- Requirement
Report the number of lines in the records below that contain the word "total", and nothing more.

- Supplied records
>>>
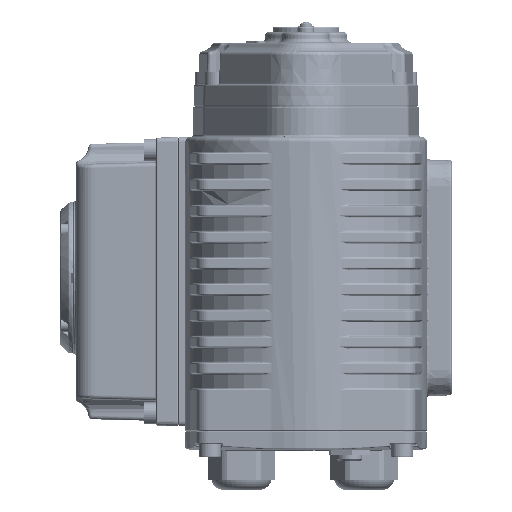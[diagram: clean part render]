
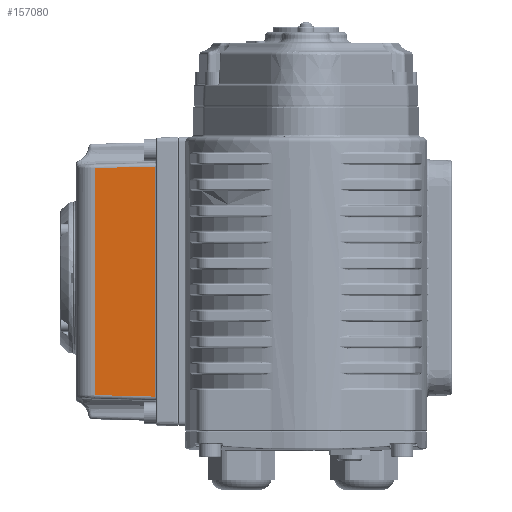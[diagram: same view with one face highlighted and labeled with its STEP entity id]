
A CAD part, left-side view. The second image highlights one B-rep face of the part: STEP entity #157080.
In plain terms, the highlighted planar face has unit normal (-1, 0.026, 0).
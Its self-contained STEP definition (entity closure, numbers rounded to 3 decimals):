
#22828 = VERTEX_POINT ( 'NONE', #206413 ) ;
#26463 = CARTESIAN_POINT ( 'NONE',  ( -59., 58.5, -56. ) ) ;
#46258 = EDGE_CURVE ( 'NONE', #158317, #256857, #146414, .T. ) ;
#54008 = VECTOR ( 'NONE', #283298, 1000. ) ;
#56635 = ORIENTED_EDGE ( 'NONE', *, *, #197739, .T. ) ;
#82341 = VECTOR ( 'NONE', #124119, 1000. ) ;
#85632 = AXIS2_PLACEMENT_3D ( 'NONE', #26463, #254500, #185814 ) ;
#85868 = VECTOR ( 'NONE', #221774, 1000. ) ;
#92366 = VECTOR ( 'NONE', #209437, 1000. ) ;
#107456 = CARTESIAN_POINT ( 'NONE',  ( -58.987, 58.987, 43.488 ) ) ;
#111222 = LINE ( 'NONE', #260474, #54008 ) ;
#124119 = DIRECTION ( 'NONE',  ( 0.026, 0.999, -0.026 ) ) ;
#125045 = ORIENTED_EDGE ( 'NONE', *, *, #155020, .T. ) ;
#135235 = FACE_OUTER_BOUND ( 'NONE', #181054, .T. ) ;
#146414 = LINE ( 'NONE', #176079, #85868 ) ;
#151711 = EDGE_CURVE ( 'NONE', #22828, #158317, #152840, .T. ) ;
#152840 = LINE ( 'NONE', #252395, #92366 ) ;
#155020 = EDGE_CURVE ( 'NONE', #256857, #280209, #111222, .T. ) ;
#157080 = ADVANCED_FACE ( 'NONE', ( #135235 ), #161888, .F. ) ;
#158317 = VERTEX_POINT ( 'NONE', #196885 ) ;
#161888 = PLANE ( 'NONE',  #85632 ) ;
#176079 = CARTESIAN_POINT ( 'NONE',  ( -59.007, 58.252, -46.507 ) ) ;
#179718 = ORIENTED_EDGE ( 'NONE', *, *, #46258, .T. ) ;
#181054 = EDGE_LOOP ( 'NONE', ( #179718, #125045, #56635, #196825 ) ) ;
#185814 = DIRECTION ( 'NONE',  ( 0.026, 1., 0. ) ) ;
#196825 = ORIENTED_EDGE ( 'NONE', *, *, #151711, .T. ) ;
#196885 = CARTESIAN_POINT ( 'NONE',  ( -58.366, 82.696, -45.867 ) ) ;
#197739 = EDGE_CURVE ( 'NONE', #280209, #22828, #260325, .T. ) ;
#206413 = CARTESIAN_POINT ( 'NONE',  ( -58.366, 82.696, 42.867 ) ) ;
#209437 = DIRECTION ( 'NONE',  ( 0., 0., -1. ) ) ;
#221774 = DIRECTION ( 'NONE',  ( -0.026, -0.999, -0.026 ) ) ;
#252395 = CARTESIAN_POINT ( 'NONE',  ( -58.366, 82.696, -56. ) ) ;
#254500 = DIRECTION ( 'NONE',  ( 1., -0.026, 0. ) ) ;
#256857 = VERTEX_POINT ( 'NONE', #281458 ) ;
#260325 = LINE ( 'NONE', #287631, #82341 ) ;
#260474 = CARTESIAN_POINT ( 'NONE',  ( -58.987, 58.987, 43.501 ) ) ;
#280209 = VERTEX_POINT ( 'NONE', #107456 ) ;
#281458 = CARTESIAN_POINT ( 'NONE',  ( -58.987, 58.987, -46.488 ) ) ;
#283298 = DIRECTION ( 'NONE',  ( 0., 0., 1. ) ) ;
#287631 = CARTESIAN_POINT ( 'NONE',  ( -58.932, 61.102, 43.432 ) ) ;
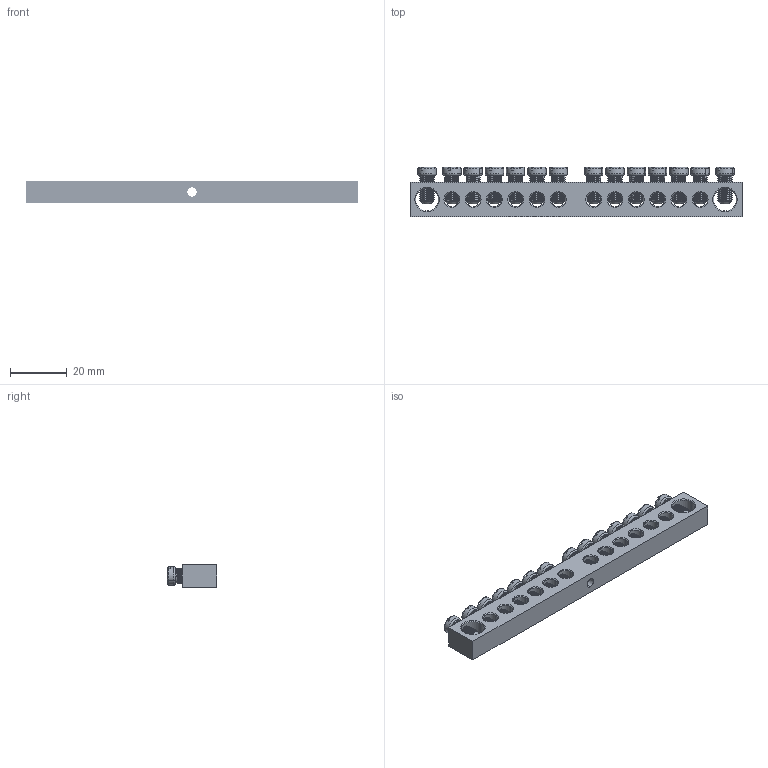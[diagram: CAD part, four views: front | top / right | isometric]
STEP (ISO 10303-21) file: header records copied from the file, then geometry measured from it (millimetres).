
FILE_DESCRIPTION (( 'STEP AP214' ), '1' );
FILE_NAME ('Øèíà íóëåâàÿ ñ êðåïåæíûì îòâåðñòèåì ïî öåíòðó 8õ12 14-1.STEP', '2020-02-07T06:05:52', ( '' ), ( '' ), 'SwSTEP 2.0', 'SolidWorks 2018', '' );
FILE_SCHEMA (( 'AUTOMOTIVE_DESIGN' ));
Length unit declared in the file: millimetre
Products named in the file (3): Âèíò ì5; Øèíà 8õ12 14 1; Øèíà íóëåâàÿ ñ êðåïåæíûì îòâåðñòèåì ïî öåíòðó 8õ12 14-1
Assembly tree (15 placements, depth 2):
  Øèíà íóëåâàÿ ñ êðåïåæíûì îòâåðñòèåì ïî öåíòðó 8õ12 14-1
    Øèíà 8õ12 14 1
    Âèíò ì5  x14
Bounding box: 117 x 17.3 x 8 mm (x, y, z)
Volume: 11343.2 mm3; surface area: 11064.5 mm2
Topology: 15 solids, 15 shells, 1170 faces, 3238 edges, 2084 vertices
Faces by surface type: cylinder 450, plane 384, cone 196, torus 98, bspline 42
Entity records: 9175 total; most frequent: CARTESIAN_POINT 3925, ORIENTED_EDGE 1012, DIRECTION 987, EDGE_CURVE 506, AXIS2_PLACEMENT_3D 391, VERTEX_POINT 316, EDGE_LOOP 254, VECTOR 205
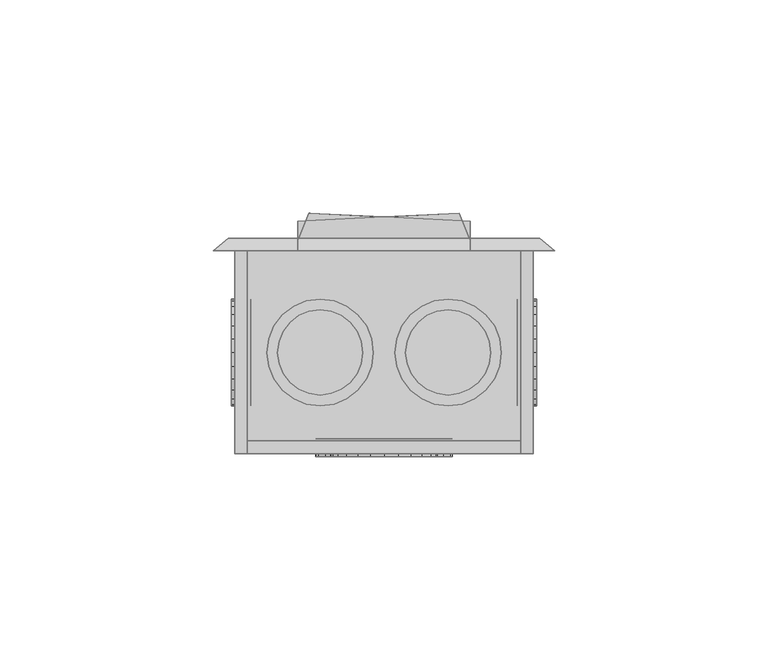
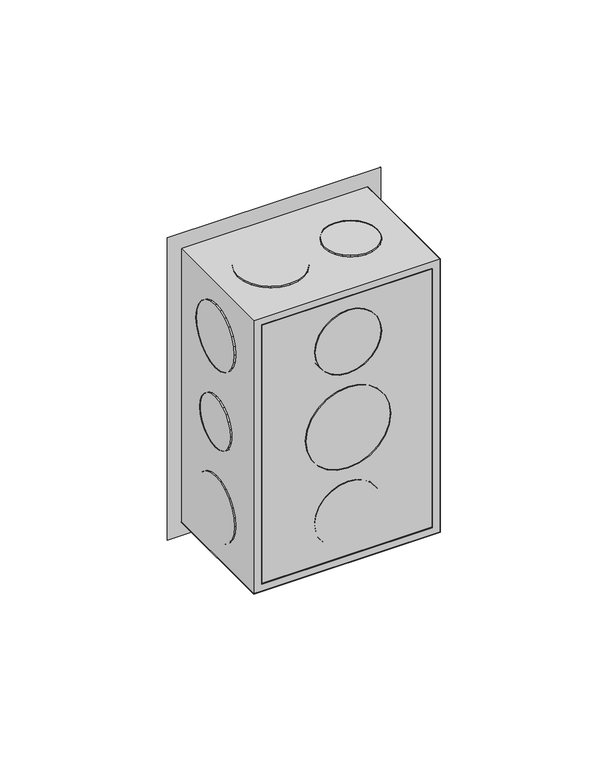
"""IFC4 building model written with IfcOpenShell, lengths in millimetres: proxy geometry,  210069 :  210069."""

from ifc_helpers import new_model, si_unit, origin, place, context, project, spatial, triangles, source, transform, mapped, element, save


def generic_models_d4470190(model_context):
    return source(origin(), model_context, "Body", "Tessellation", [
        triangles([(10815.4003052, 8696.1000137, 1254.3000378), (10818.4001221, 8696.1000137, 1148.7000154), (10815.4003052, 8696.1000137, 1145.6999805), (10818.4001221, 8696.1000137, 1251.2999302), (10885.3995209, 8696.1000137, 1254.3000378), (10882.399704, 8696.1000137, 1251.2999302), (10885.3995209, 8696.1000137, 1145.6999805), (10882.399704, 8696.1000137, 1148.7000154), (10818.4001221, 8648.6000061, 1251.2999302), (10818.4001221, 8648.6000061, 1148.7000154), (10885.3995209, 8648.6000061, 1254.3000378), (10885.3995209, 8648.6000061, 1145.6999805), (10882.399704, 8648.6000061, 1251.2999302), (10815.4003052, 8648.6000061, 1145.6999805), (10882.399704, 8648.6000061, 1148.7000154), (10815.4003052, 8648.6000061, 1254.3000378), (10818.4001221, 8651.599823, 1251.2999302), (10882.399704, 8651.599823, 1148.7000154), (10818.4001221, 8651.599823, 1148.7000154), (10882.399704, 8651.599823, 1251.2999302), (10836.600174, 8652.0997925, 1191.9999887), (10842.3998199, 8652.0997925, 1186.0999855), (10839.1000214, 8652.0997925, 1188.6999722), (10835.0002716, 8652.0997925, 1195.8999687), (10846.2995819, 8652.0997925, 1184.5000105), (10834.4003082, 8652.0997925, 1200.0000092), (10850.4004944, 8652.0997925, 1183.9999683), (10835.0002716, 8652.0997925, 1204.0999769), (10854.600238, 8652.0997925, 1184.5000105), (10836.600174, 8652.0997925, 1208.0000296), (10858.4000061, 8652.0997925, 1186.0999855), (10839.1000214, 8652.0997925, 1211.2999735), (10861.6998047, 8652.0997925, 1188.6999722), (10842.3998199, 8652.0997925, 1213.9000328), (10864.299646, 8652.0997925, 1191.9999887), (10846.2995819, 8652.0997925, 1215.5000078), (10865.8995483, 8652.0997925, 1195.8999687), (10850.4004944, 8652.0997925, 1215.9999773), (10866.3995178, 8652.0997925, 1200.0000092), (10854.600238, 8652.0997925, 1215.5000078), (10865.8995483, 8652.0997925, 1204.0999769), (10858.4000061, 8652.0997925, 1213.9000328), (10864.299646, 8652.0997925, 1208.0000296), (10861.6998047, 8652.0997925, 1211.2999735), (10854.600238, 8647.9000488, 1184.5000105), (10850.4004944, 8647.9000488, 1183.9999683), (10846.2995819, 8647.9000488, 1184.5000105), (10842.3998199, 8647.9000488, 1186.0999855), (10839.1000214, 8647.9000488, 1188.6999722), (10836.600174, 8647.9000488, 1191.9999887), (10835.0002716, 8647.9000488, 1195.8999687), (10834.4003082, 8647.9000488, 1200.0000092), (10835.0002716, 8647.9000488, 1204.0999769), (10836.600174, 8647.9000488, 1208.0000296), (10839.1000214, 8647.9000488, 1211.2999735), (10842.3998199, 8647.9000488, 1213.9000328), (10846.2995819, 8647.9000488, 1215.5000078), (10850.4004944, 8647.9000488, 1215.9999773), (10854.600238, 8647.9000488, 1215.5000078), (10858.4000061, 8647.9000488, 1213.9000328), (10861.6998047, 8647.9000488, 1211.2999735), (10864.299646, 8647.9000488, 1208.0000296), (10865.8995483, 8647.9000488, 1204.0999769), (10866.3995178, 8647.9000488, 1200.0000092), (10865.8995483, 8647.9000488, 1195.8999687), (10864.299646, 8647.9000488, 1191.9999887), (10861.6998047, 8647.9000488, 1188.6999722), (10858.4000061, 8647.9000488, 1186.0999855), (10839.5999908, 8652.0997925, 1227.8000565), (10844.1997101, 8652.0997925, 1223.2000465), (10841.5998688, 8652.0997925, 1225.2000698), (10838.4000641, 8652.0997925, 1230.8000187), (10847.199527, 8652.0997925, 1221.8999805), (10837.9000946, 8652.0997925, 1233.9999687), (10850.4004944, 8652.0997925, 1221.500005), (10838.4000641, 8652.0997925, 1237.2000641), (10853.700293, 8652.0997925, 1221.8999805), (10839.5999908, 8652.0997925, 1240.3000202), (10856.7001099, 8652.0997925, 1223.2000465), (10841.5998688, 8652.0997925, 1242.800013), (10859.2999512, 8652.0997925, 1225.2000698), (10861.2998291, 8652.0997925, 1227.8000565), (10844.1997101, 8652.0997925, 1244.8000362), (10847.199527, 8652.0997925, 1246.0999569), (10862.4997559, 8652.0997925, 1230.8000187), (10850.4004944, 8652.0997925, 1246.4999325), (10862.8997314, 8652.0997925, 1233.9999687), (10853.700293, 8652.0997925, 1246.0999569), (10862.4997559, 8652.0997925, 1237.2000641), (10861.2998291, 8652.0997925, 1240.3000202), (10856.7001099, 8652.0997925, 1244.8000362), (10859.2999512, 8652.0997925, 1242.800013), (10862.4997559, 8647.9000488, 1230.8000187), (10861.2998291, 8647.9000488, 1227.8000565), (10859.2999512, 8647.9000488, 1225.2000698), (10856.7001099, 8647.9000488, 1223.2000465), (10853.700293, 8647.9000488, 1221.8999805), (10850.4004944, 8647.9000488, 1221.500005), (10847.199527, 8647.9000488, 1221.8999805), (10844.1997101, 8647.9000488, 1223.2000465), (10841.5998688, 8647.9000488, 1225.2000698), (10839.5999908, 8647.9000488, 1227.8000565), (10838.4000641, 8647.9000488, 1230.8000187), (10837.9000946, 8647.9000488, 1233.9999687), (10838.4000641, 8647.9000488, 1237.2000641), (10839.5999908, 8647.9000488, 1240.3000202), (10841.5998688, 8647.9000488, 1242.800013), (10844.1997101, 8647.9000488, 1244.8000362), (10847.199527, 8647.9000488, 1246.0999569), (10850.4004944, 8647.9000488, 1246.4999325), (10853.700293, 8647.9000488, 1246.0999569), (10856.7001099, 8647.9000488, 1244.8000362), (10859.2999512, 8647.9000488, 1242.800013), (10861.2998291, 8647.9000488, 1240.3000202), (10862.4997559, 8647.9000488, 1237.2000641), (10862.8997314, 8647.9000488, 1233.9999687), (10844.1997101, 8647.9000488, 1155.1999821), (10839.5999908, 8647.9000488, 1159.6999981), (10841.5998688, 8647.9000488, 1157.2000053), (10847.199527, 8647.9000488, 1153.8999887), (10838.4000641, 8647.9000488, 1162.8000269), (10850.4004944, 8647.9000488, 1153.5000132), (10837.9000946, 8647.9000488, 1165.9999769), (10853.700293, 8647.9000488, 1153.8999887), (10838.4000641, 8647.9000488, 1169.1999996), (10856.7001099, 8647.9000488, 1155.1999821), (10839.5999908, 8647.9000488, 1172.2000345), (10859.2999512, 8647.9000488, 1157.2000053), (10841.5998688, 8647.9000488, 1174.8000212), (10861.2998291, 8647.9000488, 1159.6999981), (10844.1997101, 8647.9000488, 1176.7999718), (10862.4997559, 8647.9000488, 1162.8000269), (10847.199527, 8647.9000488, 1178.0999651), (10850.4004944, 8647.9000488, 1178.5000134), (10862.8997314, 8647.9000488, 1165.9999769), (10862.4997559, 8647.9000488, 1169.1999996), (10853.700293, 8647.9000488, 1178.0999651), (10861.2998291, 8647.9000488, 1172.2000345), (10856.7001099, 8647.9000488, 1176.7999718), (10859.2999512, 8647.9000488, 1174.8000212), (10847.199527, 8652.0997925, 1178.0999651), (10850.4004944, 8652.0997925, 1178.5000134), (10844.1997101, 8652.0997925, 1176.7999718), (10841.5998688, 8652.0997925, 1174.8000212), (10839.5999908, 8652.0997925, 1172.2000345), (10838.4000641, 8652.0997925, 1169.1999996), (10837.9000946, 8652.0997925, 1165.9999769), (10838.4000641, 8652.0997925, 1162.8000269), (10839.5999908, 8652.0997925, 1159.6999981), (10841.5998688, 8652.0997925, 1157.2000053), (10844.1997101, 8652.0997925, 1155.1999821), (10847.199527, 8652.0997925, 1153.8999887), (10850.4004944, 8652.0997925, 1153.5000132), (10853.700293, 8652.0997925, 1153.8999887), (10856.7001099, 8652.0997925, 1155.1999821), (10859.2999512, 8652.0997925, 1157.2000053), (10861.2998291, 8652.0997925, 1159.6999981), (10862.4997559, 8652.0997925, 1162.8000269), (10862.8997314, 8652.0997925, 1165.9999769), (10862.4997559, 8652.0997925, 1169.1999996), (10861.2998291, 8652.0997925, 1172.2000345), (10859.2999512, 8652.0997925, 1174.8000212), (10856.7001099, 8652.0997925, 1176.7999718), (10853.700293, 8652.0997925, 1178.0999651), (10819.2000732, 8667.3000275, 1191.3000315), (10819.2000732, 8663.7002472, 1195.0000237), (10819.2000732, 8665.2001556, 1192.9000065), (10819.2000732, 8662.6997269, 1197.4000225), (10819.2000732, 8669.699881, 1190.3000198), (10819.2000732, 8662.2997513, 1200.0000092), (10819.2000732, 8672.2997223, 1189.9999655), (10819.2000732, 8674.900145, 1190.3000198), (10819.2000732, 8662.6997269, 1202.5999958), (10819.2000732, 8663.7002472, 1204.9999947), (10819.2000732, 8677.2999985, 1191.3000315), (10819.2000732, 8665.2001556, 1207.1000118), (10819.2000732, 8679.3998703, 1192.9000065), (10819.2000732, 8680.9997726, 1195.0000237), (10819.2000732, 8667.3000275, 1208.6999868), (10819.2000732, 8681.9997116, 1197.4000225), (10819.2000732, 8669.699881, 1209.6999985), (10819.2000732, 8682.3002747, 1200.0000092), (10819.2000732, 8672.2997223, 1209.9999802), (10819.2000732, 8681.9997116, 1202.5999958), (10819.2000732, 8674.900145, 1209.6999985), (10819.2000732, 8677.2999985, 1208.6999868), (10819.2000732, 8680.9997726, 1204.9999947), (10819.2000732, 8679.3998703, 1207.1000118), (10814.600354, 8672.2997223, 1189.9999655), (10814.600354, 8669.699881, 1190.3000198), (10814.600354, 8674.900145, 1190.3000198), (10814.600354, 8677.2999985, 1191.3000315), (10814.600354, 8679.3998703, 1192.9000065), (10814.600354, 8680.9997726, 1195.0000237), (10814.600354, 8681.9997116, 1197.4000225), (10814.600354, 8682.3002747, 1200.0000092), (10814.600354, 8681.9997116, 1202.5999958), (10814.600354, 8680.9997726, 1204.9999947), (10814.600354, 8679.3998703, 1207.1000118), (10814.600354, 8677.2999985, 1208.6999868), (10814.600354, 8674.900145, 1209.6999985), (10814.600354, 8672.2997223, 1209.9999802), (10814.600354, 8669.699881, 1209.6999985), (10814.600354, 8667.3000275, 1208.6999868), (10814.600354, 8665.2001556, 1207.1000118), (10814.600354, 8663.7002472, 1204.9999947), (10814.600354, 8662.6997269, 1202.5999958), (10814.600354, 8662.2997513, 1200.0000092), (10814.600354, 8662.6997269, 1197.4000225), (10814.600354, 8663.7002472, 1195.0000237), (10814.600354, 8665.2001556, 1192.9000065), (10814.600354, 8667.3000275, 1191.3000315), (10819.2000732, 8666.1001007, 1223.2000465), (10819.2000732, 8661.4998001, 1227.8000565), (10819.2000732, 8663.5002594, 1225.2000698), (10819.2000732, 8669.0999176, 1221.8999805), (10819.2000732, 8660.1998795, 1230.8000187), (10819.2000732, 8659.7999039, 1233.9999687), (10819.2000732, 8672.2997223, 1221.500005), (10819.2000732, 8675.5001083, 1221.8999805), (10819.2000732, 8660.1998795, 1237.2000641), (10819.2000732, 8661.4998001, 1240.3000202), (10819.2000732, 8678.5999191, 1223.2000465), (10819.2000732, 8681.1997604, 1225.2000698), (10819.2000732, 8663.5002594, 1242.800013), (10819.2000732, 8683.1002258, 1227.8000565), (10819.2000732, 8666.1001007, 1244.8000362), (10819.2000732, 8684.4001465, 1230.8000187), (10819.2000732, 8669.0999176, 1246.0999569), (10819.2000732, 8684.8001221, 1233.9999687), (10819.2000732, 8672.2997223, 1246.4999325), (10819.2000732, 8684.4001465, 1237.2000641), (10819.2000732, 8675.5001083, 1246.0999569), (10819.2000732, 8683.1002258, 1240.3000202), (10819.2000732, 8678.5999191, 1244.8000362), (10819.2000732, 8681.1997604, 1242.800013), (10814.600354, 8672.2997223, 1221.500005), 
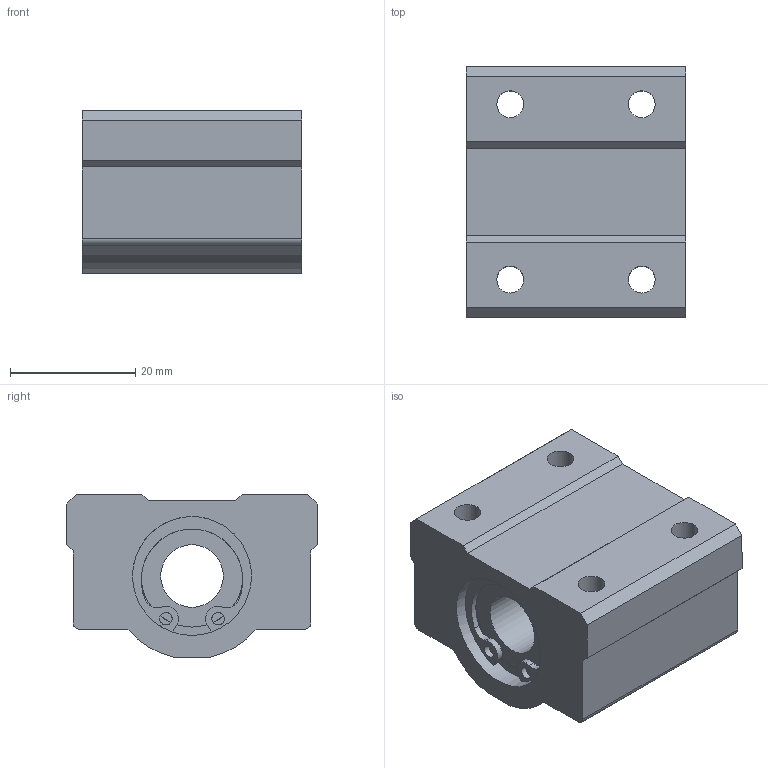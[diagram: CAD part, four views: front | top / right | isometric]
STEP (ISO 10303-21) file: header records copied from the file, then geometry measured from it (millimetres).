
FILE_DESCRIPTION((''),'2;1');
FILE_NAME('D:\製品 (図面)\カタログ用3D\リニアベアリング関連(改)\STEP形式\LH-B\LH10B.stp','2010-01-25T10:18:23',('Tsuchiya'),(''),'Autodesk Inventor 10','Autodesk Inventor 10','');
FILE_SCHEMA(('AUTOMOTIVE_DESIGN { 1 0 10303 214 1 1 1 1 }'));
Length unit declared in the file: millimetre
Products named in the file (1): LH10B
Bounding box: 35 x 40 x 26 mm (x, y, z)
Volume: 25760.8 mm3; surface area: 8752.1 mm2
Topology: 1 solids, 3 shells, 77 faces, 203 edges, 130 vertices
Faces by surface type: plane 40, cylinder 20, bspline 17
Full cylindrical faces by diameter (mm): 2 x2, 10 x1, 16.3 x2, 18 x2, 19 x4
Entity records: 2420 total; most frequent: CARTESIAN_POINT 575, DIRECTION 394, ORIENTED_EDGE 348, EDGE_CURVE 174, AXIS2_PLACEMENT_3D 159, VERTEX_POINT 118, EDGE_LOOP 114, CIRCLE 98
<<<
- Output for this task
2